Requirement:
The result should be the full listing copied exactly, with no pictures in it.
Segment Start: Task material
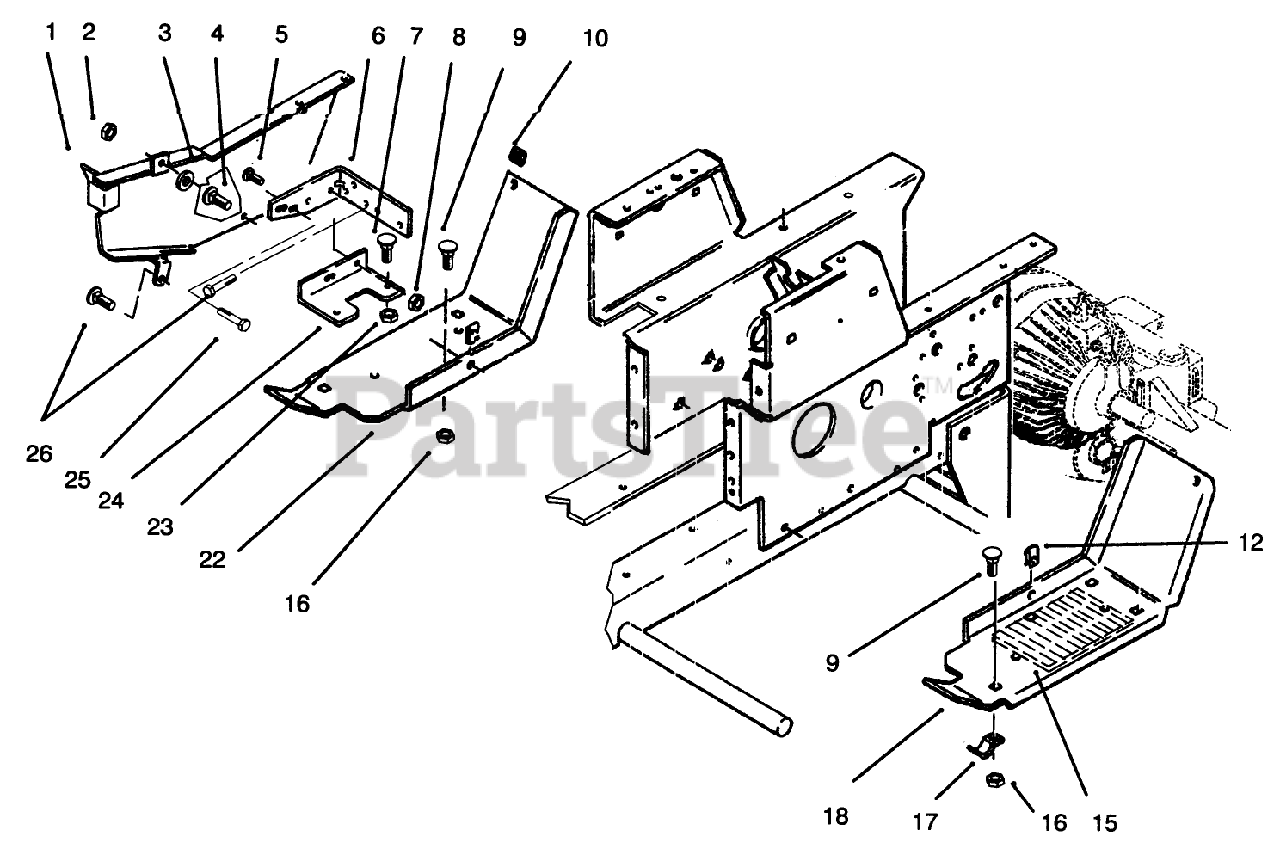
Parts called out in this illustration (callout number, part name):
1	GUARD - BELT WA *R
2	NUT-LOCK, NI
4	SCREW-PPH
5	SCREW-HH
6	BRACKET-BELT*B
7	SCREW-PAN
8	NUT-LOCK, NI
9	BOLT-CARR
10	BUMPER
15	PAD FOOTREST
16	NUT-LOCK, NI
17	BRACKET
18	FOOTREST LH *R
24	BRKT-FUS HLDER*B
25	BOLT-CARR
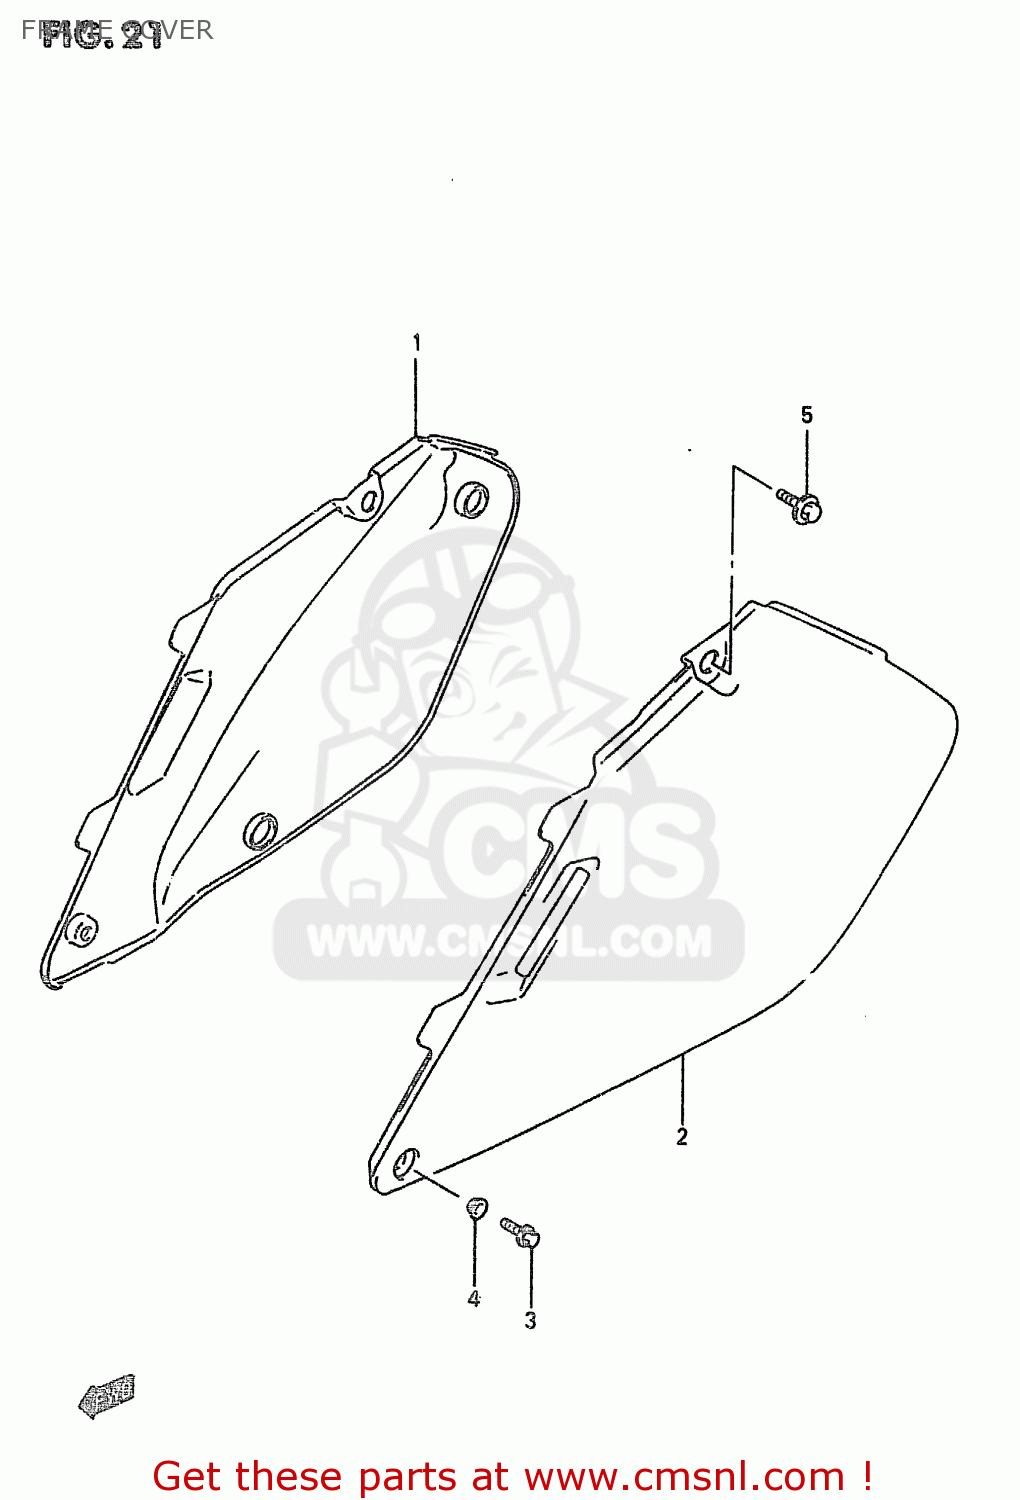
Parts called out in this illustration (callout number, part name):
1	COVER,FRAME,R(WHITE)
2	COVER,FRAME,LEFT
3	BOLT
4	WASHER
5	BOLT(6X16)
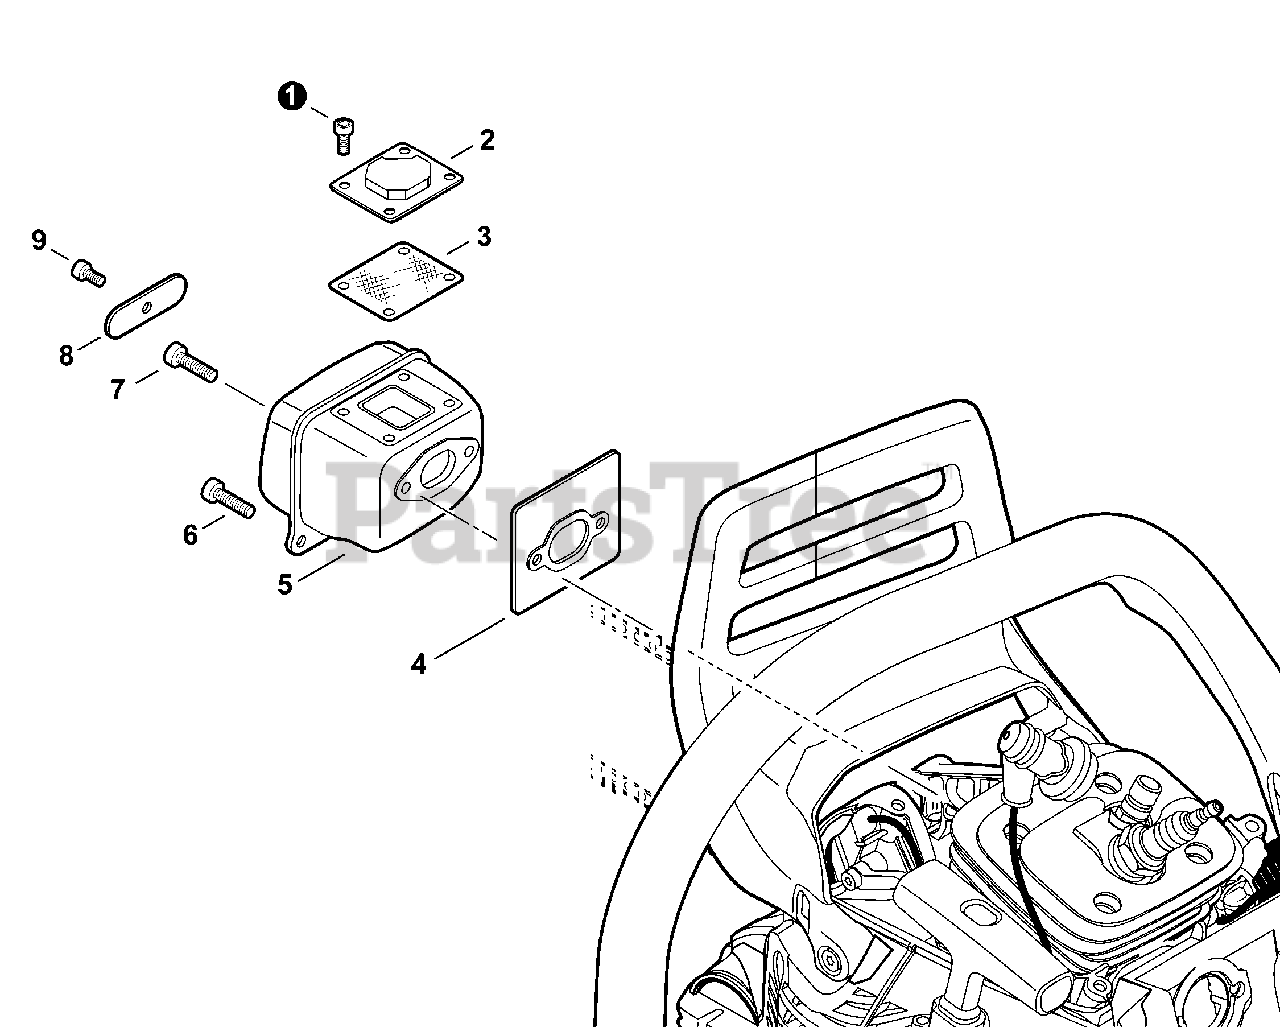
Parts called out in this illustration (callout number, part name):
1	BOLT, TORX 4×8
2	GUIDE, EXHAUST
3	SCREEN, SPARK ARRESTER
4	GASKET, EXHAUST
5	MUFFLER
6	BOLT, TORX 5×20
7	BOLT, TORX 5×20
8	PLATE, MUFFLER
9	BOLT, TORX 4×8
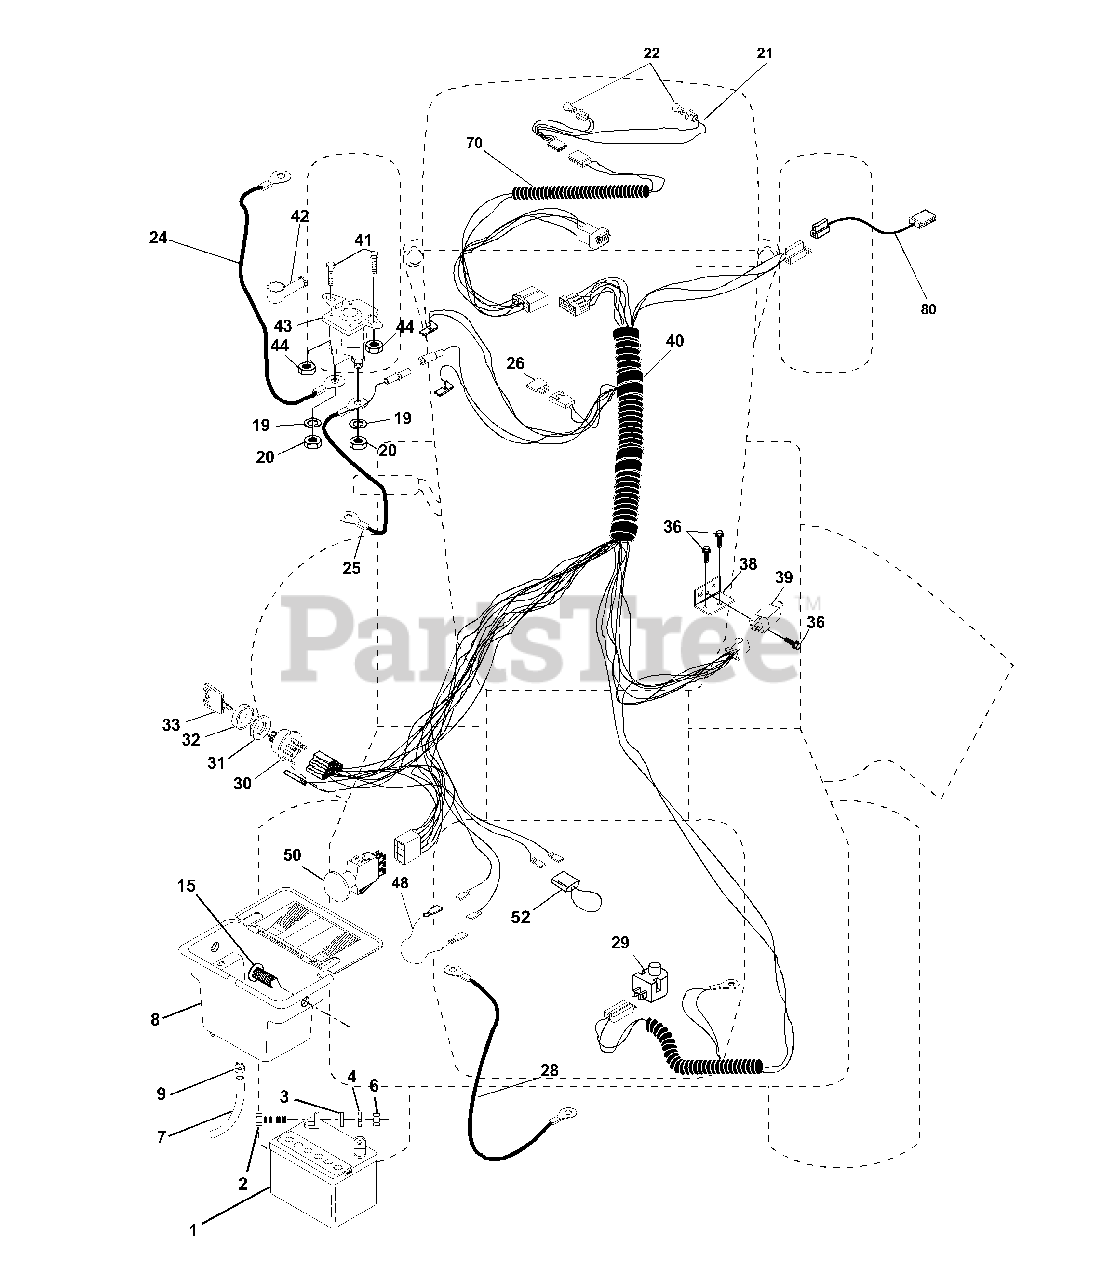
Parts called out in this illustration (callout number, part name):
1	Battery 12 Volt 25 AMP
2	Bolt Hex Hd 1/4-20unc X 3/4
3	Washer 9/32 X 5/8 X 16 Ga.
4	Washer Lock Hvy Helical 1/4
6	Nut Fin Hex 1/4-20 Unc
7	Tube Plastic 12"
8	Case Battery w/2 Holes W BRTY
9	Clamp Hose Olive
15	Fastener Snap-In
19	Washer Lock 1/4
20	Nut Jam Hex 1/4-20 Unc
21	Harness Asm Light W/4152j
22	Bulb Light #1156
24	Cable Battery 6 Ga 11" red
25	Cable Battery 6 Ga 44" w/16W
26	Fuse 30 AMP Auto Green
28	Cable Ground 6 Ga 12" black
29	Switch Plunger Nc Gray
30	Switch Ign 4 pos w/lights
31	Nut Ignition
32	Cover Sw Ignition
33	Key Ign Modleded Generic
36	Screw Tap Hex #10-24unc X 1/2
38	Bracket, Switch, Interlock
39	Switch Intlk Clutch Red 4 Term
40	Harness Ign. Elec. HMLT P/L
41	Bolt Blk Fin Hex 1/4 - 20 x 1/2
42	Cover Terminal Red
43	Solenoid
44	Nut Keps Hex 1/4-20 Unc
48	Adapter Ammeter Rectangular
50	Switch PTO 3 PTD Black
52	Protection Wire Loop
70	Harness, Eng.
80	Harness Clutch EVX
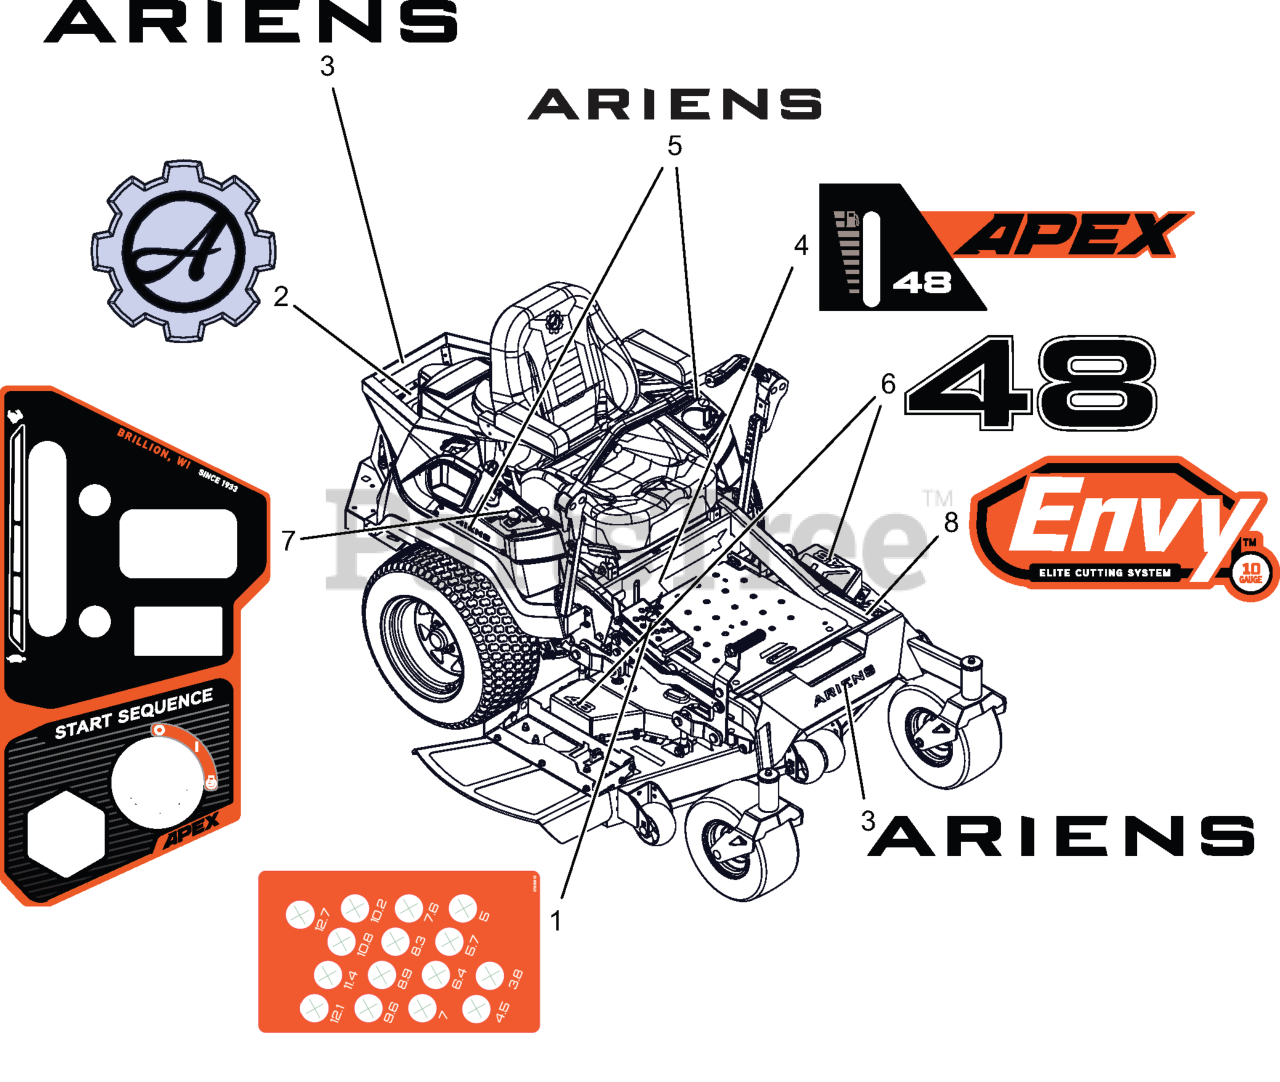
Segment End: Task material
Answer for this exercise:
Parts called out in this illustration (callout number, part name):
1	GUARD - BELT WA *R
2	NUT-LOCK, NI
4	SCREW-PPH
5	SCREW-HH
6	BRACKET-BELT*B
7	SCREW-PAN
8	NUT-LOCK, NI
9	BOLT-CARR
10	BUMPER
15	PAD FOOTREST
16	NUT-LOCK, NI
17	BRACKET
18	FOOTREST LH *R
24	BRKT-FUS HLDER*B
25	BOLT-CARR
Parts called out in this illustration (callout number, part name):
1	COVER,FRAME,R(WHITE)
2	COVER,FRAME,LEFT
3	BOLT
4	WASHER
5	BOLT(6X16)
Parts called out in this illustration (callout number, part name):
1	BOLT, TORX 4×8
2	GUIDE, EXHAUST
3	SCREEN, SPARK ARRESTER
4	GASKET, EXHAUST
5	MUFFLER
6	BOLT, TORX 5×20
7	BOLT, TORX 5×20
8	PLATE, MUFFLER
9	BOLT, TORX 4×8
Parts called out in this illustration (callout number, part name):
1	Battery 12 Volt 25 AMP
2	Bolt Hex Hd 1/4-20unc X 3/4
3	Washer 9/32 X 5/8 X 16 Ga.
4	Washer Lock Hvy Helical 1/4
6	Nut Fin Hex 1/4-20 Unc
7	Tube Plastic 12"
8	Case Battery w/2 Holes W BRTY
9	Clamp Hose Olive
15	Fastener Snap-In
19	Washer Lock 1/4
20	Nut Jam Hex 1/4-20 Unc
21	Harness Asm Light W/4152j
22	Bulb Light #1156
24	Cable Battery 6 Ga 11" red
25	Cable Battery 6 Ga 44" w/16W
26	Fuse 30 AMP Auto Green
28	Cable Ground 6 Ga 12" black
29	Switch Plunger Nc Gray
30	Switch Ign 4 pos w/lights
31	Nut Ignition
32	Cover Sw Ignition
33	Key Ign Modleded Generic
36	Screw Tap Hex #10-24unc X 1/2
38	Bracket, Switch, Interlock
39	Switch Intlk Clutch Red 4 Term
40	Harness Ign. Elec. HMLT P/L
41	Bolt Blk Fin Hex 1/4 - 20 x 1/2
42	Cover Terminal Red
43	Solenoid
44	Nut Keps Hex 1/4-20 Unc
48	Adapter Ammeter Rectangular
50	Switch PTO 3 PTD Black
52	Protection Wire Loop
70	Harness, Eng.
80	Harness Clutch EVX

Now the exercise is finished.